Wednesday, January 19, 2011

South Sudan Well on the Way to Independence

At the beginning of polling there had been fears of voter intimidation and violence, but the vote for independence of south Sudan was largely "peaceful and credible", with 95% voter turnout and 96% supporting succession and, so it seems, with Khartoum and Bashir fully supporting the southern decision for independence. Though media attention has turned to the uprising and subsequent establishment of a new government in Tunisia, the Sudan issue is neither resolved nor by any means over; it is has merely reached a checkpoint.

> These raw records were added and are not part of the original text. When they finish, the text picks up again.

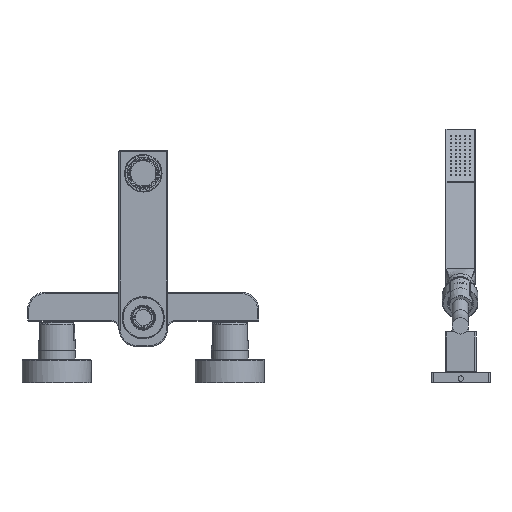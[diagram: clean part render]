
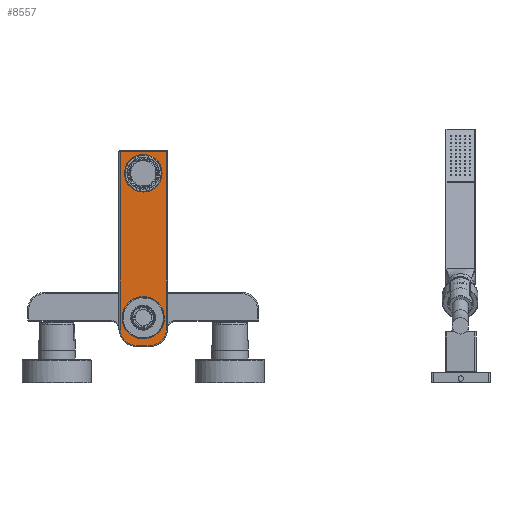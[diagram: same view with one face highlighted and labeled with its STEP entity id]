
A CAD part, front view. The second image highlights one B-rep face of the part: STEP entity #8557.
In plain terms, the highlighted planar face has unit normal (0, -1, 0).
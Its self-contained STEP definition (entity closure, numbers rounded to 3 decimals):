
#898=CIRCLE('',#9555,16.25);
#916=CIRCLE('',#9584,18.25);
#917=CIRCLE('',#9585,18.25);
#925=CIRCLE('',#9601,14.);
#926=CIRCLE('',#9602,14.);
#1208=FACE_BOUND('',#2408,.T.);
#1209=FACE_BOUND('',#2409,.T.);
#1763=FACE_OUTER_BOUND('',#2407,.T.);
#2407=EDGE_LOOP('',(#7097,#7098,#7099,#7100,#7101,#7102));
#2408=EDGE_LOOP('',(#7103,#7104));
#2409=EDGE_LOOP('',(#7105));
#2832=LINE('',#32699,#3227);
#2844=LINE('',#32756,#3239);
#2847=LINE('',#32769,#3242);
#2848=LINE('',#32776,#3243);
#3227=VECTOR('',#11712,40.);
#3239=VECTOR('',#11780,154.);
#3242=VECTOR('',#11797,154.);
#3243=VECTOR('',#11806,12.);
#3930=VERTEX_POINT('',#32682);
#3934=VERTEX_POINT('',#32694);
#3935=VERTEX_POINT('',#32698);
#3945=VERTEX_POINT('',#32734);
#3946=VERTEX_POINT('',#32736);
#3952=VERTEX_POINT('',#32754);
#3955=VERTEX_POINT('',#32768);
#3956=VERTEX_POINT('',#32772);
#3957=VERTEX_POINT('',#32774);
#5007=EDGE_CURVE('',#3930,#3930,#898,.T.);
#5015=EDGE_CURVE('',#3934,#3935,#2832,.T.);
#5034=EDGE_CURVE('',#3946,#3945,#916,.T.);
#5035=EDGE_CURVE('',#3945,#3946,#917,.T.);
#5044=EDGE_CURVE('',#3952,#3934,#2844,.T.);
#5050=EDGE_CURVE('',#3935,#3955,#2847,.T.);
#5052=EDGE_CURVE('',#3955,#3956,#925,.T.);
#5053=EDGE_CURVE('',#3957,#3952,#926,.T.);
#5054=EDGE_CURVE('',#3956,#3957,#2848,.T.);
#7097=ORIENTED_EDGE('',*,*,#5052,.F.);
#7098=ORIENTED_EDGE('',*,*,#5050,.F.);
#7099=ORIENTED_EDGE('',*,*,#5015,.F.);
#7100=ORIENTED_EDGE('',*,*,#5044,.F.);
#7101=ORIENTED_EDGE('',*,*,#5053,.F.);
#7102=ORIENTED_EDGE('',*,*,#5054,.F.);
#7103=ORIENTED_EDGE('',*,*,#5034,.T.);
#7104=ORIENTED_EDGE('',*,*,#5035,.T.);
#7105=ORIENTED_EDGE('',*,*,#5007,.T.);
#8123=PLANE('',#9600);
#8557=ADVANCED_FACE('',(#1763,#1208,#1209),#8123,.F.);
#9555=AXIS2_PLACEMENT_3D('',#32683,#11692,#11693);
#9584=AXIS2_PLACEMENT_3D('',#32737,#11759,#11760);
#9585=AXIS2_PLACEMENT_3D('',#32738,#11761,#11762);
#9600=AXIS2_PLACEMENT_3D('',#32771,#11800,#11801);
#9601=AXIS2_PLACEMENT_3D('',#32773,#11802,#11803);
#9602=AXIS2_PLACEMENT_3D('',#32775,#11804,#11805);
#11692=DIRECTION('center_axis',(0.,1.,0.));
#11693=DIRECTION('ref_axis',(-1.,0.,0.));
#11712=DIRECTION('',(1.,0.,0.));
#11759=DIRECTION('center_axis',(0.,1.,0.));
#11760=DIRECTION('ref_axis',(-1.,0.,0.));
#11761=DIRECTION('center_axis',(0.,1.,0.));
#11762=DIRECTION('ref_axis',(-1.,0.,0.));
#11780=DIRECTION('',(0.,0.,1.));
#11797=DIRECTION('',(0.,0.,-1.));
#11800=DIRECTION('center_axis',(0.,1.,0.));
#11801=DIRECTION('ref_axis',(0.,0.,1.));
#11802=DIRECTION('center_axis',(0.,1.,0.));
#11803=DIRECTION('ref_axis',(1.,0.,0.));
#11804=DIRECTION('center_axis',(0.,1.,0.));
#11805=DIRECTION('ref_axis',(0.,0.,-1.));
#11806=DIRECTION('',(-1.,0.,0.));
#32682=CARTESIAN_POINT('',(-16.25,-53.2,125.));
#32683=CARTESIAN_POINT('Origin',(0.,-53.2,
125.));
#32694=CARTESIAN_POINT('',(-20.,-53.2,144.));
#32698=CARTESIAN_POINT('',(20.,-53.2,144.));
#32699=CARTESIAN_POINT('',(-20.,-53.2,144.));
#32734=CARTESIAN_POINT('',(18.25,-53.2,0.));
#32736=CARTESIAN_POINT('',(-18.25,-53.2,0.));
#32737=CARTESIAN_POINT('Origin',(0.,-53.2,
0.));
#32738=CARTESIAN_POINT('Origin',(0.,-53.2,
0.));
#32754=CARTESIAN_POINT('',(-20.,-53.2,-10.));
#32756=CARTESIAN_POINT('',(-20.,-53.2,-10.));
#32768=CARTESIAN_POINT('',(20.,-53.2,-10.));
#32769=CARTESIAN_POINT('',(20.,-53.2,144.));
#32771=CARTESIAN_POINT('Origin',(0.,-53.2,-24.));
#32772=CARTESIAN_POINT('',(6.,-53.2,-24.));
#32773=CARTESIAN_POINT('Origin',(6.,-53.2,-10.));
#32774=CARTESIAN_POINT('',(-6.,-53.2,-24.));
#32775=CARTESIAN_POINT('Origin',(-6.,-53.2,-10.));
#32776=CARTESIAN_POINT('',(6.,-53.2,-24.));

While George Clooney and his minions spent the week in Juba monitoring the voting process in order to point out any possible genocides-in-action (despite the inherent futility in the endeavor - but that is the subject for a genocide post, coming soon!), the time for monitoring will be in July, when the referendum takes effect and the status of southerners in the north (and vice versa) becomes uncertain. Or when (and if) the oil-rich Abyei district votes for succession of independence. Or if Darfur rebels, recently expelled from southern Sudan in an attempt to appease Khartoum, will now view the south as much of an enemy as the north. Or is opposition leaders in the north continue to call for reform and are continually silenced through arrests.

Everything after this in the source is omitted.